◆ Work instructions: Write out the records below from the first line through the line containing "In plain terms, the", leaving out any pictures.

◆ Material for this task:

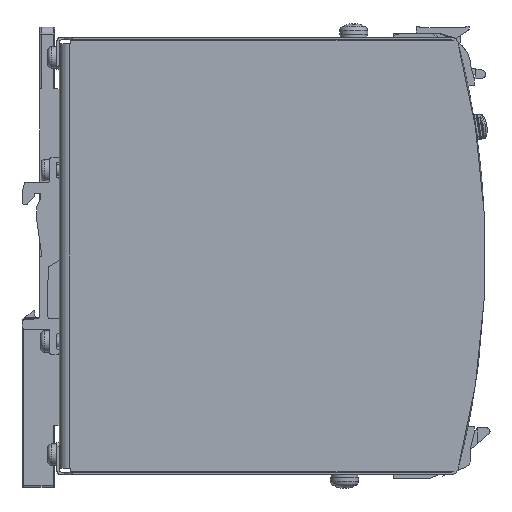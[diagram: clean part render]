
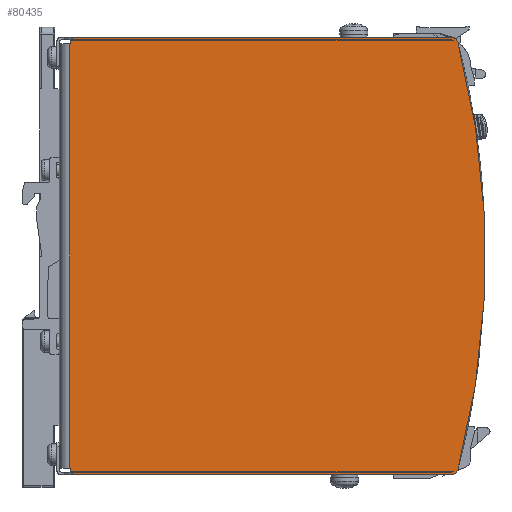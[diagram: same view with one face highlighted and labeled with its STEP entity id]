
A CAD part, front view. The second image highlights one B-rep face of the part: STEP entity #80435.
In plain terms, the highlighted planar face has unit normal (0, -1, 0).
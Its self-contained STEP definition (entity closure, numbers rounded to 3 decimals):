
#141=DIRECTION('',(-1.,0.,0.));
#142=VECTOR('',#141,4.237);
#143=CARTESIAN_POINT('',(2.019,-1.614,2.411));
#144=LINE('',#143,#142);
#203=CARTESIAN_POINT('',(2.035,-1.614,2.388));
#204=DIRECTION('',(0.,-1.,0.));
#205=DIRECTION('',(0.05,0.,0.999));
#206=AXIS2_PLACEMENT_3D('',#203,#204,#205);
#208=CARTESIAN_POINT('',(2.019,-1.614,2.372));
#209=DIRECTION('',(0.,1.,0.));
#210=DIRECTION('',(0.,0.,1.));
#211=AXIS2_PLACEMENT_3D('',#208,#209,#210);
#213=DIRECTION('',(0.,0.,-1.));
#214=VECTOR('',#213,0.03);
#215=CARTESIAN_POINT('',(-2.219,-1.614,2.441));
#216=LINE('',#215,#214);
#217=DIRECTION('',(-1.,0.,0.));
#218=VECTOR('',#217,4.237);
#219=CARTESIAN_POINT('',(2.019,-1.614,2.441));
#220=LINE('',#219,#218);
#221=CARTESIAN_POINT('',(2.019,-1.614,2.372));
#222=DIRECTION('',(0.,-1.,0.));
#223=DIRECTION('',(0.968,0.,0.252));
#224=AXIS2_PLACEMENT_3D('',#221,#222,#223);
#226=CARTESIAN_POINT('',(-7.087,-1.614,0.));
#227=DIRECTION('',(0.,-1.,0.));
#228=DIRECTION('',(0.968,0.,-0.252));
#229=AXIS2_PLACEMENT_3D('',#226,#227,#228);
#231=CARTESIAN_POINT('',(2.019,-1.614,-2.372));
#232=DIRECTION('',(0.,-1.,0.));
#233=DIRECTION('',(0.,0.,-1.));
#234=AXIS2_PLACEMENT_3D('',#231,#232,#233);
#236=DIRECTION('',(1.,0.,0.));
#237=VECTOR('',#236,4.237);
#238=CARTESIAN_POINT('',(-2.219,-1.614,
-2.441));
#239=LINE('',#238,#237);
#240=DIRECTION('',(0.,0.,-1.));
#241=VECTOR('',#240,0.03);
#242=CARTESIAN_POINT('',(-2.219,-1.614,
-2.411));
#243=LINE('',#242,#241);
#244=DIRECTION('',(-1.,0.,0.));
#245=VECTOR('',#244,4.237);
#246=CARTESIAN_POINT('',(2.019,-1.614,-2.411));
#247=LINE('',#246,#245);
#248=CARTESIAN_POINT('',(2.019,-1.614,-2.372));
#249=DIRECTION('',(0.,1.,0.));
#250=DIRECTION('',(0.437,0.,-0.899));
#251=AXIS2_PLACEMENT_3D('',#248,#249,#250);
#253=CARTESIAN_POINT('',(2.035,-1.614,-2.388));
#254=DIRECTION('',(0.,-1.,0.));
#255=DIRECTION('',(0.,0.,-1.));
#256=AXIS2_PLACEMENT_3D('',#253,#254,#255);
#258=DIRECTION('',(1.,0.,0.));
#259=VECTOR('',#258,4.275);
#260=CARTESIAN_POINT('',(-2.24,-1.614,
-2.407));
#261=LINE('',#260,#259);
#740=DIRECTION('',(0.,0.,1.));
#741=VECTOR('',#740,4.736);
#742=CARTESIAN_POINT('',(-2.244,-1.614,
-2.368));
#743=LINE('',#742,#741);
#791=DIRECTION('',(1.,0.,0.));
#792=VECTOR('',#791,0.004);
#793=CARTESIAN_POINT('',(-2.244,-1.614,2.368));
#794=LINE('',#793,#792);
#841=DIRECTION('',(-1.,0.,0.));
#842=VECTOR('',#841,0.004);
#843=CARTESIAN_POINT('',(-2.24,-1.614,
-2.368));
#844=LINE('',#843,#842);
#876=DIRECTION('',(0.,0.,1.));
#877=VECTOR('',#876,0.039);
#878=CARTESIAN_POINT('',(-2.24,-1.614,
-2.407));
#879=LINE('',#878,#877);
#35178=DIRECTION('',(1.,0.,0.));
#35179=VECTOR('',#35178,4.275);
#35180=CARTESIAN_POINT('',(-2.24,-1.614,
2.407));
#35181=LINE('',#35180,#35179);
#35186=DIRECTION('',(0.,0.,1.));
#35187=VECTOR('',#35186,0.039);
#35188=CARTESIAN_POINT('',(-2.24,-1.614,
2.368));
#35189=LINE('',#35188,#35187);
#58692=CARTESIAN_POINT('',(2.035,-1.614,
-2.407));
#58694=VERTEX_POINT('',#58692);
#58696=CARTESIAN_POINT('',(-2.24,-1.614,
-2.407));
#58697=VERTEX_POINT('',#58696);
#58700=CARTESIAN_POINT('',(-2.24,-1.614,
2.407));
#58701=CARTESIAN_POINT('',(2.035,-1.614,
2.407));
#58702=VERTEX_POINT('',#58700);
#58703=VERTEX_POINT('',#58701);
#58704=CARTESIAN_POINT('',(-2.24,-1.614,
2.368));
#58705=VERTEX_POINT('',#58704);
#58706=CARTESIAN_POINT('',(-2.244,-1.614,
2.368));
#58707=VERTEX_POINT('',#58706);
#58708=CARTESIAN_POINT('',(-2.244,-1.614,
-2.368));
#58709=VERTEX_POINT('',#58708);
#58710=CARTESIAN_POINT('',(-2.24,-1.614,
-2.368));
#58711=VERTEX_POINT('',#58710);
#60378=CARTESIAN_POINT('',(2.086,-1.614,
2.389));
#60379=VERTEX_POINT('',#60378);
#60380=CARTESIAN_POINT('',(2.086,-1.614,
-2.389));
#60381=VERTEX_POINT('',#60380);
#60498=CARTESIAN_POINT('',(2.019,-1.614,
-2.411));
#60499=VERTEX_POINT('',#60498);
#60512=CARTESIAN_POINT('',(-2.219,-1.614,
-2.411));
#60513=VERTEX_POINT('',#60512);
#62234=CARTESIAN_POINT('',(2.019,-1.614,
2.411));
#62235=VERTEX_POINT('',#62234);
#62236=CARTESIAN_POINT('',(2.019,-1.614,
2.441));
#62237=VERTEX_POINT('',#62236);
#62262=CARTESIAN_POINT('',(-2.219,-1.614,
2.411));
#62263=VERTEX_POINT('',#62262);
#62264=CARTESIAN_POINT('',(-2.219,-1.614,
2.441));
#62265=VERTEX_POINT('',#62264);
#62266=CARTESIAN_POINT('',(-2.219,-1.614,
-2.441));
#62268=VERTEX_POINT('',#62266);
#65200=CARTESIAN_POINT('',(2.019,-1.614,
-2.441));
#65201=VERTEX_POINT('',#65200);
#69853=CARTESIAN_POINT('',(2.036,-1.614,
-2.407));
#69855=VERTEX_POINT('',#69853);
#69858=CARTESIAN_POINT('',(2.036,-1.614,
2.407));
#69860=VERTEX_POINT('',#69858);
#80392=CARTESIAN_POINT('',(2.756,-1.614,
-2.407));
#80393=DIRECTION('',(0.,-1.,0.));
#80394=DIRECTION('',(0.,0.,-1.));
#80395=AXIS2_PLACEMENT_3D('',#80392,#80393,#80394);
#80396=PLANE('',#80395);
#80397=ORIENTED_EDGE('',*,*,#80383,.F.);
#80398=ORIENTED_EDGE('',*,*,#80372,.F.);
#80399=ORIENTED_EDGE('',*,*,#76676,.T.);
#80401=ORIENTED_EDGE('',*,*,#80400,.F.);
#80402=ORIENTED_EDGE('',*,*,#72955,.F.);
#80404=ORIENTED_EDGE('',*,*,#80403,.F.);
#80406=ORIENTED_EDGE('',*,*,#80405,.F.);
#80408=ORIENTED_EDGE('',*,*,#80407,.F.);
#80410=ORIENTED_EDGE('',*,*,#80409,.F.);
#80412=ORIENTED_EDGE('',*,*,#80411,.F.);
#80414=ORIENTED_EDGE('',*,*,#80413,.F.);
#80416=ORIENTED_EDGE('',*,*,#80415,.F.);
#80418=ORIENTED_EDGE('',*,*,#80417,.F.);
#80420=ORIENTED_EDGE('',*,*,#80419,.F.);
#80422=ORIENTED_EDGE('',*,*,#80421,.T.);
#80424=ORIENTED_EDGE('',*,*,#80423,.T.);
#80426=ORIENTED_EDGE('',*,*,#80425,.T.);
#80428=ORIENTED_EDGE('',*,*,#80427,.T.);
#80430=ORIENTED_EDGE('',*,*,#80429,.T.);
#80432=ORIENTED_EDGE('',*,*,#80431,.T.);
#80433=EDGE_LOOP('',(#80397,#80398,#80399,#80401,#80402,#80404,#80406,#80408,
#80410,#80412,#80414,#80416,#80418,#80420,#80422,#80424,#80426,#80428,#80430,
#80432));
#80434=FACE_OUTER_BOUND('',#80433,.F.);
#80435=ADVANCED_FACE('',(#80434),#80396,.T.);
#207=CIRCLE('',#206,0.02);
#212=CIRCLE('',#211,0.039);
#225=CIRCLE('',#224,0.069);
#230=CIRCLE('',#229,9.478);
#235=CIRCLE('',#234,0.069);
#252=CIRCLE('',#251,0.039);
#257=CIRCLE('',#256,0.02);
#72955=EDGE_CURVE('',#62237,#62265,#220,.T.);
#76676=EDGE_CURVE('',#62235,#62263,#144,.T.);
#80372=EDGE_CURVE('',#62235,#69860,#212,.T.);
#80383=EDGE_CURVE('',#69860,#58703,#207,.T.);
#80400=EDGE_CURVE('',#62265,#62263,#216,.T.);
#80403=EDGE_CURVE('',#60379,#62237,#225,.T.);
#80405=EDGE_CURVE('',#60381,#60379,#230,.T.);
#80407=EDGE_CURVE('',#65201,#60381,#235,.T.);
#80409=EDGE_CURVE('',#62268,#65201,#239,.T.);
#80411=EDGE_CURVE('',#60513,#62268,#243,.T.);
#80413=EDGE_CURVE('',#60499,#60513,#247,.T.);
#80415=EDGE_CURVE('',#69855,#60499,#252,.T.);
#80417=EDGE_CURVE('',#58694,#69855,#257,.T.);
#80419=EDGE_CURVE('',#58697,#58694,#261,.T.);
#80421=EDGE_CURVE('',#58697,#58711,#879,.T.);
#80423=EDGE_CURVE('',#58711,#58709,#844,.T.);
#80425=EDGE_CURVE('',#58709,#58707,#743,.T.);
#80427=EDGE_CURVE('',#58707,#58705,#794,.T.);
#80429=EDGE_CURVE('',#58705,#58702,#35189,.T.);
#80431=EDGE_CURVE('',#58702,#58703,#35181,.T.);
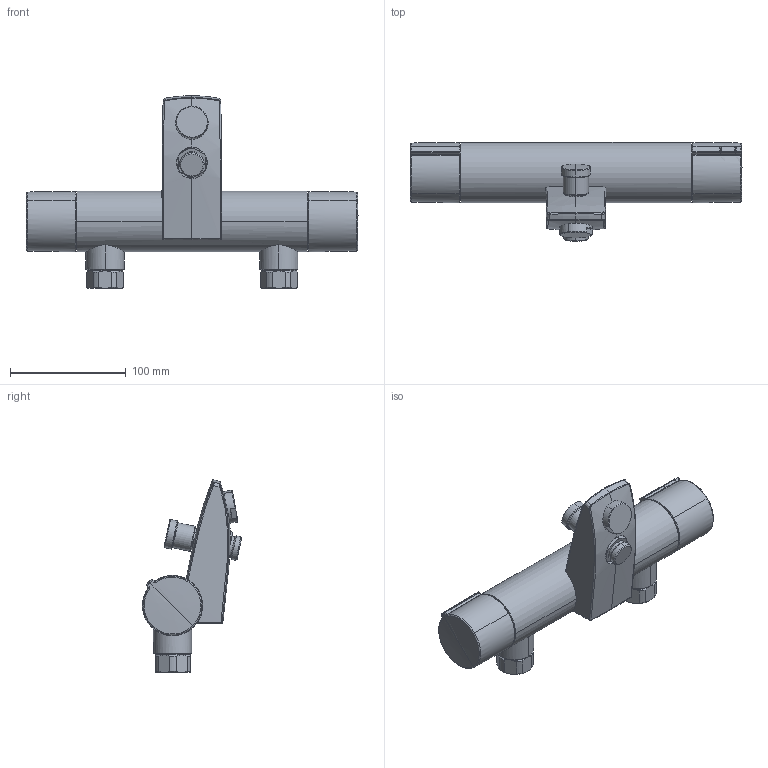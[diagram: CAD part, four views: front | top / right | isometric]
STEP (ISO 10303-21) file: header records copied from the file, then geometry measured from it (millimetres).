
FILE_DESCRIPTION (( 'STEP AP203' ), '1' );
FILE_NAME ('2875.STEP', '2018-07-10T09:35:22', ( '' ), ( '' ), 'SwSTEP 2.0', 'SolidWorks 2016', '' );
FILE_SCHEMA (( 'CONFIG_CONTROL_DESIGN' ));
Length unit declared in the file: millimetre
Products named in the file (1): 2875
Bounding box: 286.72 x 85.65 x 166.27 mm (x, y, z)
Volume: 817223.2 mm3; surface area: 85496 mm2
Topology: 1 solids, 1 shells, 340 faces, 802 edges, 479 vertices
Faces by surface type: bspline 103, plane 78, cylinder 75, cone 42, torus 30, sphere 12
Entity records: 14018 total; most frequent: CARTESIAN_POINT 6987, ORIENTED_EDGE 1584, DIRECTION 1275, EDGE_CURVE 792, AXIS2_PLACEMENT_3D 540, VERTEX_POINT 479, EDGE_LOOP 365, ADVANCED_FACE 340
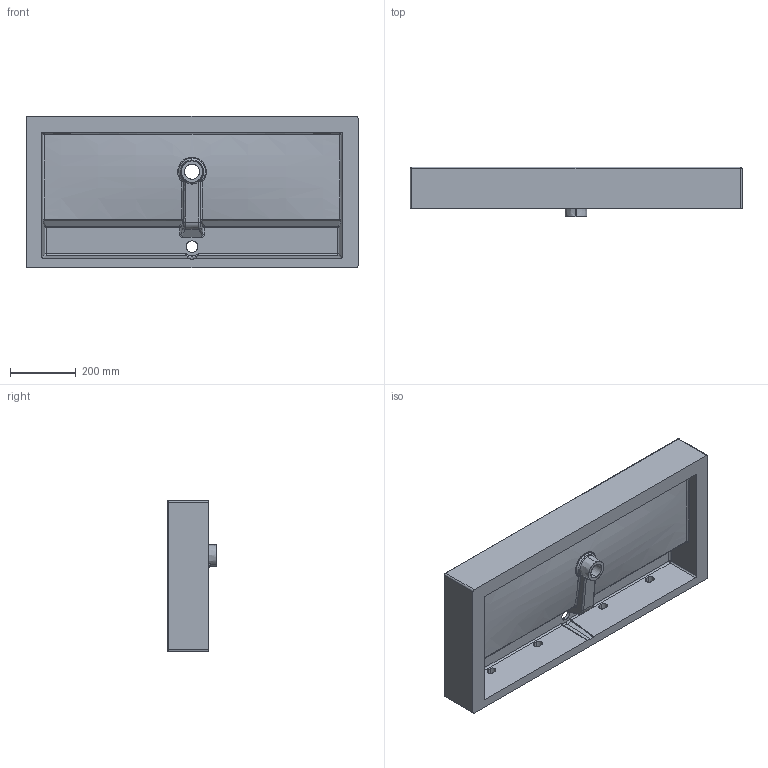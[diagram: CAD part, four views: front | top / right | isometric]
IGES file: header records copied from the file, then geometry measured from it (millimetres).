
Start section: SolidWorks IGES file using analytic representation for surfaces
Global section: file name: \\vmware-host\Shared Folders\Documenti\Lavoro\modifiche Tecla\3D-modifiche\TWENTY 101\PROJECT2017 100.IGS; native system: SolidWorks 2017; preprocessor: SolidWorks 2017; author: silvia; date: 171109.162325; units: millimetre
Bounding box: 1010 x 150 x 460 mm (x, y, z)
Surface area: 1664839.4 mm2 (no closed solid volume)
Topology: 0 solids, 0 shells, 173 faces, 2251 edges, 2241 vertices
Faces by surface type: bspline 89, revolution 84

◆ Result for this exercise:
[diagram: clean part render]
[diagram: same view with one face highlighted and labeled with its STEP entity id]
A CAD part, front view. The second image highlights one B-rep face of the part: STEP entity #80435.
In plain terms, the highlighted planar face has unit normal (0, -1, 0).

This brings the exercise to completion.